Çocuklara gereken değeri vermek konusunda ne durumdayız? Çocuklarımız bu konuda ne düşünüyorlar? Bakın on dört yaş çocukları üzerinde yapılan bir araştırma sonucuna göre çocuklar arkadaş ortamında dürüstlüğü, aile ortamında güveni, okul ortamında saygıyı yaşadıklarını ifade etmişler. Okul ve aileyi baskı, direniş ve kabullenmenin yaşandığı ortamlar olarak görmekteler. Dershane ve arkadaş ortamları ise sosyal diyaloğun ve adalet dağılımının daha yaygın olduğu ortamlar olarak görülmekte.12 Yani çocuklarımız aileye ve okula güven ve saygı duymakla beraber bu ortamları adaletin değil baskının ve boyun eğmenin hâkim olduğu ortamlar olarak algılamaktalar. Yani adaletin hâkim olmadığı ortamlar olarak.

Hâlbuki adalet duygusunun temeli ailedir ve bu duygu hayatın ilk (çocukluk) yıllarında şekillenir. Diğer bir anlatımla, adalet algısı, aile ortamında suç-ceza, başarı-ödüllendirme gibi olgular ile öğrenilen sosyo-kültürel bir üst denge arayışıdır. Bu anlamda sosyal ilişkilerin olmazsa olmaz bileşeni olan adalet kavramını doğuran ve yaşatan ailedir. Adalet duygusunun geliştirilmesinde ve güçlendirilmesinde etken olacak kurumlardan diğeri ise okullar olmalıdır. Bu amaçla geçtiğimiz günlerde Adalet Bakanlığı ile Milli Eğitim Bakanlığı arasında, ”Hukuk ve Adalet Dersi” öğretim programı geliştirmek için işbirliği protokolü imzalanmıştır.13 Bu çalışmaların çocuklarımızın gelişimleri açısından hayırlı bir adım olmasını diliyoruz.

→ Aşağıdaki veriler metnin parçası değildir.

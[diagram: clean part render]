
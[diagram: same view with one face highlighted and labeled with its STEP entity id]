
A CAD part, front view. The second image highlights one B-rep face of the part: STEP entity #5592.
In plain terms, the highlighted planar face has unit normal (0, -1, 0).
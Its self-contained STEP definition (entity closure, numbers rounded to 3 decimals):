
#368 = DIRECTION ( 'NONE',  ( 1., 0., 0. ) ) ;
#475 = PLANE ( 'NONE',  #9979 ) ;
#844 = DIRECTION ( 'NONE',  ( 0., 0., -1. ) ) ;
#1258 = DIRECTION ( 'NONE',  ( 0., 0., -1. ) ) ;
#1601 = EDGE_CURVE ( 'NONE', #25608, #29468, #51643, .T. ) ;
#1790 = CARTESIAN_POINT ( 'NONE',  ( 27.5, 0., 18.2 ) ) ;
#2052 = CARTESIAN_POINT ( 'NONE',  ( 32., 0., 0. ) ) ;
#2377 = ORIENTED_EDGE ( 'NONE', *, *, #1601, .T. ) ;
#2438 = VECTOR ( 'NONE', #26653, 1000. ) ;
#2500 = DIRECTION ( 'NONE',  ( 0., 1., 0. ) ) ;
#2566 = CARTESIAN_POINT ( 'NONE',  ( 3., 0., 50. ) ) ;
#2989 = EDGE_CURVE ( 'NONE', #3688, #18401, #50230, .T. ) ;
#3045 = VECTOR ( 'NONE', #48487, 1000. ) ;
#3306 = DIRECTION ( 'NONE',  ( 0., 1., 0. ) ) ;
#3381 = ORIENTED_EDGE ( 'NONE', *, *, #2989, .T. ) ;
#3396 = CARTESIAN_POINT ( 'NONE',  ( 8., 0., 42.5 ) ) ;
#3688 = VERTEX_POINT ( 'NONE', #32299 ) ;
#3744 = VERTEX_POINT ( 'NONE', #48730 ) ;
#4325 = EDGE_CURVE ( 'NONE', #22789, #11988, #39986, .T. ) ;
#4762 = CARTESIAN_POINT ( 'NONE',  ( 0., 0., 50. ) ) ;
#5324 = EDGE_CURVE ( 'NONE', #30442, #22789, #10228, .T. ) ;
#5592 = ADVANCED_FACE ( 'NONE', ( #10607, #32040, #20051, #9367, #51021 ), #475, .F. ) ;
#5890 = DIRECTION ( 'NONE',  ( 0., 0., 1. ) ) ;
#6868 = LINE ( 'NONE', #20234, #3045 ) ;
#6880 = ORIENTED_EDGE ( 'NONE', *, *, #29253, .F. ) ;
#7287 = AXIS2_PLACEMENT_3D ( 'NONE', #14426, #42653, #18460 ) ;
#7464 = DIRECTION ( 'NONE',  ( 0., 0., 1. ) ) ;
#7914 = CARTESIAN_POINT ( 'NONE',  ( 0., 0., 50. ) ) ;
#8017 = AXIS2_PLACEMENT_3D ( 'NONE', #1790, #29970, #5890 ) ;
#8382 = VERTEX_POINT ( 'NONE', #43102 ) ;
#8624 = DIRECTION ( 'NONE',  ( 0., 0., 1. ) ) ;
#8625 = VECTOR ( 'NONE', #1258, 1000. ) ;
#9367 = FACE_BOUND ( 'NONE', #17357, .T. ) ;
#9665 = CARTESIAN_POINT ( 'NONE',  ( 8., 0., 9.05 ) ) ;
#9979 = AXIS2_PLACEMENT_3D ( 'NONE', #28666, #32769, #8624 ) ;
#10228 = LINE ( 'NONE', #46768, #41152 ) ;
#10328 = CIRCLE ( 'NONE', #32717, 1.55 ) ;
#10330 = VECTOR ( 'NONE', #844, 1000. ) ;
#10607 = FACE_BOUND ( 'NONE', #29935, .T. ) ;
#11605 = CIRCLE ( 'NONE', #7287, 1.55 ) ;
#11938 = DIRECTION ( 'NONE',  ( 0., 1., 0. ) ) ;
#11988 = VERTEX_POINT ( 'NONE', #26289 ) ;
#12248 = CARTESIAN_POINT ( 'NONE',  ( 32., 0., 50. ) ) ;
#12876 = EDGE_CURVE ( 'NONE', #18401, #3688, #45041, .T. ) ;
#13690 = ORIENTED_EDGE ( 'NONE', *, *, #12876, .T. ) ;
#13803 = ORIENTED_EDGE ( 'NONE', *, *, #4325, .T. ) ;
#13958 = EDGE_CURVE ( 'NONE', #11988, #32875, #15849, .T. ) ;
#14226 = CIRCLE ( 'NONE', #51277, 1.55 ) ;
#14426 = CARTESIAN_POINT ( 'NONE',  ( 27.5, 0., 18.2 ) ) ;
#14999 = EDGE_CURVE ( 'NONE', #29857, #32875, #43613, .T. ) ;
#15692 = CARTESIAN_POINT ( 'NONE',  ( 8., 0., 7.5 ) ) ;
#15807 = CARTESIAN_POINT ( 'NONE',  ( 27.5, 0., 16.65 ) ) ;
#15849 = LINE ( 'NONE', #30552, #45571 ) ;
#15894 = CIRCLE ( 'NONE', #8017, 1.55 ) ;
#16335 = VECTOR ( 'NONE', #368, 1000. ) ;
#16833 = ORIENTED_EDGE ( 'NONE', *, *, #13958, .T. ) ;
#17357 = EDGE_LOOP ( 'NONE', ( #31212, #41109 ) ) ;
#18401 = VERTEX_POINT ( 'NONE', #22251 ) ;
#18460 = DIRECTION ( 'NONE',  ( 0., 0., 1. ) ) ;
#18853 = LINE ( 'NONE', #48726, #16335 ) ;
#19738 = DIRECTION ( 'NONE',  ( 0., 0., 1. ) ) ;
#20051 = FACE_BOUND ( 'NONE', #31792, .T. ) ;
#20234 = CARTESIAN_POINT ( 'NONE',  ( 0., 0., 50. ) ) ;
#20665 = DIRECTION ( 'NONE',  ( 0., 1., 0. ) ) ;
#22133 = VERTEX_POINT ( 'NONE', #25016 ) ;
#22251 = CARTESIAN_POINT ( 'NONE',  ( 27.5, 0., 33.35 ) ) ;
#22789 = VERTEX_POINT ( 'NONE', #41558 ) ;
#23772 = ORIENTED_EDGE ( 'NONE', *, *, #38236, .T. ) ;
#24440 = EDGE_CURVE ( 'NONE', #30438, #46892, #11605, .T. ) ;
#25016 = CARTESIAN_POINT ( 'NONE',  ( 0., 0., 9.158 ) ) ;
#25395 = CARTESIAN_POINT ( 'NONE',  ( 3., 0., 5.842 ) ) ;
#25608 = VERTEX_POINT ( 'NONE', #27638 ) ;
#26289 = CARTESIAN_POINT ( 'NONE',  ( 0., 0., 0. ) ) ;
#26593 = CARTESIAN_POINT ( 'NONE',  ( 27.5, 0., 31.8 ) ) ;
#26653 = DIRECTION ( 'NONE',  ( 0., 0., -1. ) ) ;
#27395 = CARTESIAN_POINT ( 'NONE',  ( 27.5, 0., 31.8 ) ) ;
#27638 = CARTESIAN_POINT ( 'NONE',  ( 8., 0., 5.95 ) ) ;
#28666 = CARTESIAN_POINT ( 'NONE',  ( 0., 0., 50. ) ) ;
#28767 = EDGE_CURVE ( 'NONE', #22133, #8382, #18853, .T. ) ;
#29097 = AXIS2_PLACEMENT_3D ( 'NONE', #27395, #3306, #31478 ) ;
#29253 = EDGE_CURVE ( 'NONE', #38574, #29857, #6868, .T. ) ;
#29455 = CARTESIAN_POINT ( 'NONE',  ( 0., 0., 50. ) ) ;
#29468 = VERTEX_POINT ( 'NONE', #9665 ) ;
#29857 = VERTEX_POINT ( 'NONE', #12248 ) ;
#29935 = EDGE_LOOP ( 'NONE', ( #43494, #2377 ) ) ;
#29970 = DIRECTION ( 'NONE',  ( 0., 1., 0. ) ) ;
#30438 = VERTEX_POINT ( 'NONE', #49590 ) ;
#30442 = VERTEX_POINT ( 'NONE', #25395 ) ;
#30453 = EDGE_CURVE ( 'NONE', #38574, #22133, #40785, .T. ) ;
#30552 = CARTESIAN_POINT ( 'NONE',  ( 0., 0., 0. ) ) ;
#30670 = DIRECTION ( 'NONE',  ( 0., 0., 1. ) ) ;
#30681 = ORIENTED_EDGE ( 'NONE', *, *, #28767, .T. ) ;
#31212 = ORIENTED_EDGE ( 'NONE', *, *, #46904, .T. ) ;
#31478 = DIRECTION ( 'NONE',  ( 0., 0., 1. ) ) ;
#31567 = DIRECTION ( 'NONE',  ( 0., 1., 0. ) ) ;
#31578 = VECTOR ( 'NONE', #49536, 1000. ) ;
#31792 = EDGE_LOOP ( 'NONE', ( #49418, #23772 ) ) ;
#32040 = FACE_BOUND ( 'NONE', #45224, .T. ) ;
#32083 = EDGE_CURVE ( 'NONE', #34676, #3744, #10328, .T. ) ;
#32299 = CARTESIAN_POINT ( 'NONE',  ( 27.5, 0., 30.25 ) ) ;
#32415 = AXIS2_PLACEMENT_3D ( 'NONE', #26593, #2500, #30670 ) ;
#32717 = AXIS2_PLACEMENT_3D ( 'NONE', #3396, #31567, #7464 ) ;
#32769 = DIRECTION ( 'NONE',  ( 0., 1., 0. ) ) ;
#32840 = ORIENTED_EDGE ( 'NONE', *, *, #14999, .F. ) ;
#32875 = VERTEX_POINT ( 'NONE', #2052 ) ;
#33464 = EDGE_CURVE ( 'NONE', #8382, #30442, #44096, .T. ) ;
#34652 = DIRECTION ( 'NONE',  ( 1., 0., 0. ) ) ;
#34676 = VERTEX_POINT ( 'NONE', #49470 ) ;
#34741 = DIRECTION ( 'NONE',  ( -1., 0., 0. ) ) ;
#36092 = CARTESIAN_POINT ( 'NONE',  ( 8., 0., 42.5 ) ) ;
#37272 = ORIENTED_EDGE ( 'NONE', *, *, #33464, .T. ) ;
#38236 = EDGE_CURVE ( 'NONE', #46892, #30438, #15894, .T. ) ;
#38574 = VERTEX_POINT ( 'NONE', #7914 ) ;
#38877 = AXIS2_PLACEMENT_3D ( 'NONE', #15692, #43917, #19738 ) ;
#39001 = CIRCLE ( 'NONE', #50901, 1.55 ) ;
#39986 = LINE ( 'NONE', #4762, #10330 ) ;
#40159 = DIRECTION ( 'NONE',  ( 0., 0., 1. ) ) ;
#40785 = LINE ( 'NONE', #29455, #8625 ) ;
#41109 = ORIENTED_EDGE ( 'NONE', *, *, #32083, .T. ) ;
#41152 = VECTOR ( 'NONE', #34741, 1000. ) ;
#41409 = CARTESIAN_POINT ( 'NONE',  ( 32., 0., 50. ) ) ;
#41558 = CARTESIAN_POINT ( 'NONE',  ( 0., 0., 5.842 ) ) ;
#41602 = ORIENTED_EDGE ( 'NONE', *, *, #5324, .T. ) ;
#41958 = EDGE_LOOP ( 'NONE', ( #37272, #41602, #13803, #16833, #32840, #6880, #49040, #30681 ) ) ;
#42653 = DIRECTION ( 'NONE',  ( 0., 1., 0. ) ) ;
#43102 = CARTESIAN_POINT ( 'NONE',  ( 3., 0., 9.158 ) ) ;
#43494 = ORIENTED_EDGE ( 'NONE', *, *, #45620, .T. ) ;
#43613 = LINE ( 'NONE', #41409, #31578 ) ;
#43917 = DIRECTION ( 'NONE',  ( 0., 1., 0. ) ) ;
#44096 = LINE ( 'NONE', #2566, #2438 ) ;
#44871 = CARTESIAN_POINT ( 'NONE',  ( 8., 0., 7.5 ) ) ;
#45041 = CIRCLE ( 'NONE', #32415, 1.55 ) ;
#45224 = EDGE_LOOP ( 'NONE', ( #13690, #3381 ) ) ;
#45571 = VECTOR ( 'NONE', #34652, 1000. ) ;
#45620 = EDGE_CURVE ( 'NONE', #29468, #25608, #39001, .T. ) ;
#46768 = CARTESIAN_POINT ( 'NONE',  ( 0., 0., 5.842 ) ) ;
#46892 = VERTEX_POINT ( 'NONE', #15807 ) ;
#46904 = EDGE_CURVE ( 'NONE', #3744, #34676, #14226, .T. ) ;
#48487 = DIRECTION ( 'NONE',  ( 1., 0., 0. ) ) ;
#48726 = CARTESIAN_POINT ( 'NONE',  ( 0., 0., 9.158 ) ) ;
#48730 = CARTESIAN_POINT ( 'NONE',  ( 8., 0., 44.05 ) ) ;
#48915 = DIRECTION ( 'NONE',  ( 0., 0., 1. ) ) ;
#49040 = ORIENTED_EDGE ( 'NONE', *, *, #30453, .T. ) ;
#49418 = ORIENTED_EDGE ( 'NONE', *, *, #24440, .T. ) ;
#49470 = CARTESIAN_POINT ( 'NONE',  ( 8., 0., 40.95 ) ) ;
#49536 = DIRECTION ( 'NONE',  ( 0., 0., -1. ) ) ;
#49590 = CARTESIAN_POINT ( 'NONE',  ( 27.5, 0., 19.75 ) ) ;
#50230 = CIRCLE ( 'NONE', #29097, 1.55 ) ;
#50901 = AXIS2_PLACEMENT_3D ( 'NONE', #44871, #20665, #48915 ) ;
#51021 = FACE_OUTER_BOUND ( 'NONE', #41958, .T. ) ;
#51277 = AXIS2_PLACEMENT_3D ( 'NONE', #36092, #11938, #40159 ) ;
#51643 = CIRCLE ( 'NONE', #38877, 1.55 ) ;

İlkokul çağındaki çocukların çoğu soyut işlem basamağına ulaşmamış durumdadırlar. Ancak 11-12 yaşlarında soyut fikirlere ilişkin akıl yürütebilmektedirler.14 Adalet kavramı soyut bir olgu olduğundan tüm ahlâki değerler gibi aktarılmasında güçlükler vardır. Kavramın kazandırılmasında somutlaştırma son derece önemli bir yer tutar. Örnek kişi ve olaylar, hikâyeler, masal ve menkıbeler önemli somutlaştırma araçları olarak değerlendirilmelidir. Adalet anlayışını geliştirecek karakterleri ve olayları anlatan edebî eserler çocuklarımıza okutulabilir. Aynı amaca hizmet edecek görsel materyaller (çizgi filmler, çocuk filmleri ve videolar) izlettirilebilir. Çocuklarımıza önereceğimiz her ürünün önceden incelememiz gerektiğini hatırdan çıkarmamak gerekir. Katılacakları sosyal aktiviteler, kurslar, geziler özenle seçilmeli, etkinliğin niteliği kadar çocuğun kimlerle birlikte olacağı, karar vermemizde etkili olmalıdır.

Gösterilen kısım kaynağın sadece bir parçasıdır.